▶ Your goal
Without the images, print all the entries below exactly as given.

▶ Stored items from a collection
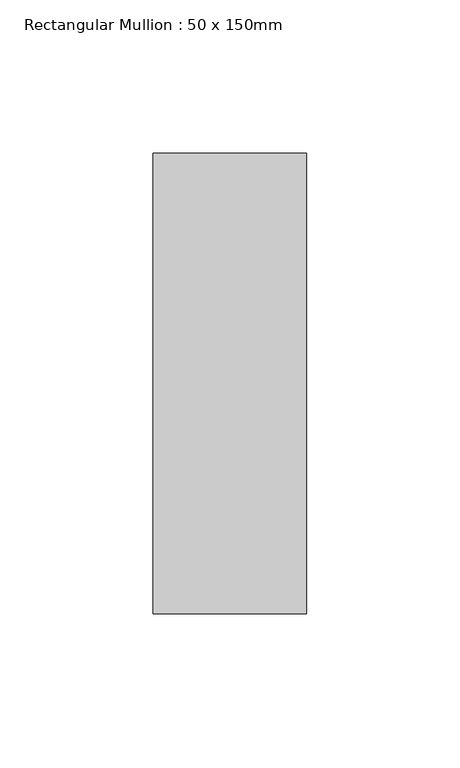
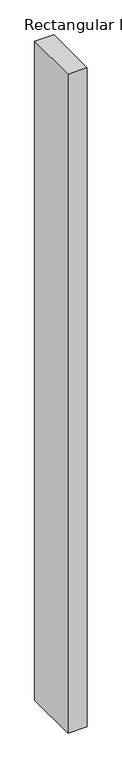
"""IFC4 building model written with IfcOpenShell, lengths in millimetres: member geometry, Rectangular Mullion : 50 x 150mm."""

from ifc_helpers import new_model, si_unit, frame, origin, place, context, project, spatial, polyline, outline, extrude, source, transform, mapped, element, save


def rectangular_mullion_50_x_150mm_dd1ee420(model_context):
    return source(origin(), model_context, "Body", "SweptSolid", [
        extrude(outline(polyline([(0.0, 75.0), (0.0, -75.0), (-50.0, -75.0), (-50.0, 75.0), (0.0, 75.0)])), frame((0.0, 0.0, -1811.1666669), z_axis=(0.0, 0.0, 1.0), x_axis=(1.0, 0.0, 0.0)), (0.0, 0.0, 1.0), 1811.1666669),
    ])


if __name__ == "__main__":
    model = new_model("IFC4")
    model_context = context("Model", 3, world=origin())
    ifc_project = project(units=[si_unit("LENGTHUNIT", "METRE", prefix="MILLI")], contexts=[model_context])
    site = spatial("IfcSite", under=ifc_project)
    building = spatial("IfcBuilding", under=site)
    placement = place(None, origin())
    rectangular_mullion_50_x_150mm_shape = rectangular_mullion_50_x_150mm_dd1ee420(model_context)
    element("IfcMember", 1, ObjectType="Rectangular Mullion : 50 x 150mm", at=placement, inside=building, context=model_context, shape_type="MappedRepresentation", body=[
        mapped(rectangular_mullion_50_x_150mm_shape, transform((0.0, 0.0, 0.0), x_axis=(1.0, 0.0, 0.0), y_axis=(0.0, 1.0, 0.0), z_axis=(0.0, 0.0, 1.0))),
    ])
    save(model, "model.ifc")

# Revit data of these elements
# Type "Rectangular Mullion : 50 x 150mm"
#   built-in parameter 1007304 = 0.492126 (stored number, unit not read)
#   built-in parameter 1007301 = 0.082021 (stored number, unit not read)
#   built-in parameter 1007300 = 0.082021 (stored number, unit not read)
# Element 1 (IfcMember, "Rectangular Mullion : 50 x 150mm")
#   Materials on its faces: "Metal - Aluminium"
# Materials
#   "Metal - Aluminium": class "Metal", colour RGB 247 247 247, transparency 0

▶ Response area
"""IFC4 building model written with IfcOpenShell, lengths in millimetres: member geometry, Rectangular Mullion : 50 x 150mm."""

from ifc_helpers import new_model, si_unit, frame, origin, place, context, project, spatial, polyline, outline, extrude, source, transform, mapped, element, save


def rectangular_mullion_50_x_150mm_dd1ee420(model_context):
    return source(origin(), model_context, "Body", "SweptSolid", [
        extrude(outline(polyline([(0.0, 75.0), (0.0, -75.0), (-50.0, -75.0), (-50.0, 75.0), (0.0, 75.0)])), frame((0.0, 0.0, -1811.1666669), z_axis=(0.0, 0.0, 1.0), x_axis=(1.0, 0.0, 0.0)), (0.0, 0.0, 1.0), 1811.1666669),
    ])


if __name__ == "__main__":
    model = new_model("IFC4")
    model_context = context("Model", 3, world=origin())
    ifc_project = project(units=[si_unit("LENGTHUNIT", "METRE", prefix="MILLI")], contexts=[model_context])
    site = spatial("IfcSite", under=ifc_project)
    building = spatial("IfcBuilding", under=site)
    placement = place(None, origin())
    rectangular_mullion_50_x_150mm_shape = rectangular_mullion_50_x_150mm_dd1ee420(model_context)
    element("IfcMember", 1, ObjectType="Rectangular Mullion : 50 x 150mm", at=placement, inside=building, context=model_context, shape_type="MappedRepresentation", body=[
        mapped(rectangular_mullion_50_x_150mm_shape, transform((0.0, 0.0, 0.0), x_axis=(1.0, 0.0, 0.0), y_axis=(0.0, 1.0, 0.0), z_axis=(0.0, 0.0, 1.0))),
    ])
    save(model, "model.ifc")

# Revit data of these elements
# Type "Rectangular Mullion : 50 x 150mm"
#   built-in parameter 1007304 = 0.492126 (stored number, unit not read)
#   built-in parameter 1007301 = 0.082021 (stored number, unit not read)
#   built-in parameter 1007300 = 0.082021 (stored number, unit not read)
# Element 1 (IfcMember, "Rectangular Mullion : 50 x 150mm")
#   Materials on its faces: "Metal - Aluminium"
# Materials
#   "Metal - Aluminium": class "Metal", colour RGB 247 247 247, transparency 0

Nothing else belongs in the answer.